Forced swimming stress increases natatory activity of lead-exposed mice  

Araujo, Ulisses C. (Laboratorio de Neurofisiologia, Departamento de Ciencias Fisiologicas, Instituto de Biologia Roberto Alcantara Gomes, Centro Biomedico, Universidade Do Estado Do Rio de Janeiro)
Krahe, Thomas E. (Departamento de Psicologia, Pontificia Universidade Catolica Do Rio de Janeiro)
Ribeiro‑Carvalho, Anderson (Departamento de Ciencias, Faculdade de Formacao de Professores da, Universidade Do Estado Do Rio de Janeiro)
Gomes, Regina A.A. (Centro de Estudos da Saude Do Trabalhador E Ecologia Humana, Escola Nacional de Saude Publica, Fundacao Oswaldo Cruz)
Lotufo, Bruna M. (Laboratorio de Neurofisiologia, Departamento de Ciencias Fisiologicas, Instituto de Biologia Roberto Alcantara Gomes, Centro Biomedico, Universidade Do Estado Do Rio de Janeiro)

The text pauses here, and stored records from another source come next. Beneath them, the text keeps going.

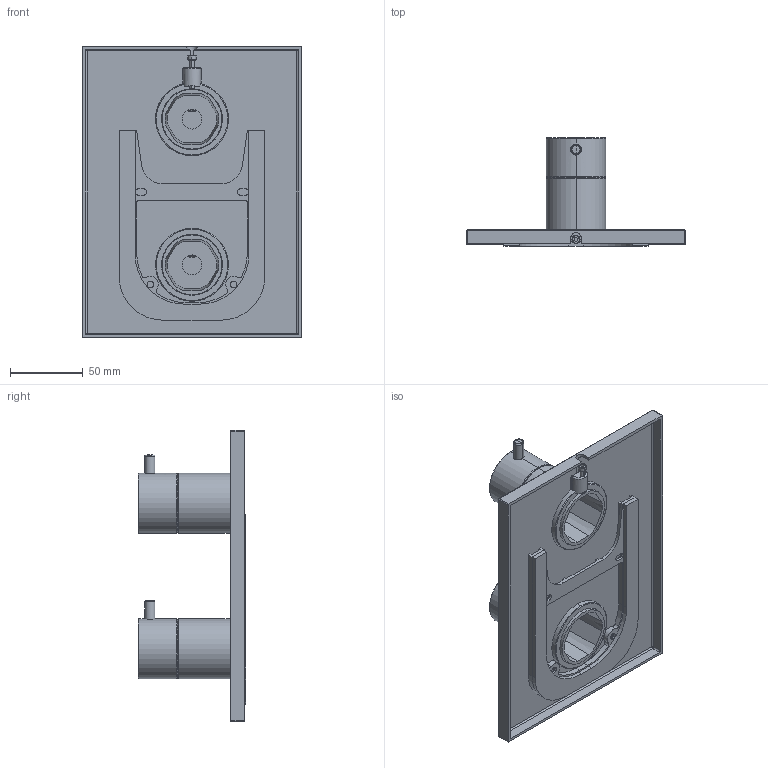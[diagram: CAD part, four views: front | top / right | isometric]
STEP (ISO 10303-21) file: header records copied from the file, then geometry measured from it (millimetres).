
FILE_DESCRIPTION((''),'2;1');
FILE_NAME('76705--00_ASM','2022-05-11T07:34:34',('lalo2'),(''),'CREO PARAMETRIC BY PTC INC, 2018190','CREO PARAMETRIC BY PTC INC, 2018190','');
FILE_SCHEMA(('CONFIG_CONTROL_DESIGN'));
Products named in the file (24): 46007--; 4497600; 4606500; 4390700; 46011--_ASM; 44978--; 4498100; 46017--_ASM; 44979--; 4600600; 44987--; 4498800; 44990--_ASM; 4498000; 46021--_ASM; 46022--; 1904300; 44986--; 44989--_ASM; 4612600; 4497500; 4602300_ASM; 76705--00_SUB01_ASM; 76705--00_ASM
Assembly tree (28 placements, depth 4):
  76705--00_ASM
    76705--00_SUB01_ASM
      46011--_ASM
        46007--
        4497600  x2
        4606500
        4390700  x2
      46017--_ASM
        44978--
        4498100
      44990--_ASM
        44979--
        4600600
        44987--
        4498800
      46021--_ASM
        44978--
        4498000
      44989--_ASM
        46022--
        4600600
        1904300
        44986--
        4498800
      4602300_ASM
        4612600
        4497500
Bounding box: 150 x 74.1 x 200 mm (x, y, z)
Volume: 157933.4 mm3; surface area: 154297.1 mm2
Topology: 21 solids, 22 shells, 2369 faces, 6239 edges, 3973 vertices
Faces by surface type: plane 1100, cylinder 654, bspline 199, torus 186, cone 111, sphere 62, extrusion 53, revolution 4
Entity records: 77791 total; most frequent: CARTESIAN_POINT 28927, ORIENTED_EDGE 10728, DIRECTION 9218, EDGE_CURVE 5366, VERTEX_POINT 3427, AXIS2_PLACEMENT_3D 3168, VECTOR 2878, LINE 2825

Moreira, Maria de Fatima R. (Centro de Estudos da Saude Do Trabalhador E Ecologia Humana, Escola Nacional de Saude Publica, Fundacao Oswaldo Cruz)
de Abreu-Villaca, Yael (Laboratorio de Neurofisiologia, Departamento de Ciencias Fisiologicas, Instituto de Biologia Roberto Alcantara Gomes, Centro Biomedico, Universidade Do Estado Do Rio de Janeiro)
Manhaes, Alex C. (Laboratorio de Neurofisiologia, Departamento de Ciencias Fisiologicas, Instituto de Biologia Roberto Alcantara Gomes, Centro Biomedico, Universidade Do Estado Do Rio de Janeiro)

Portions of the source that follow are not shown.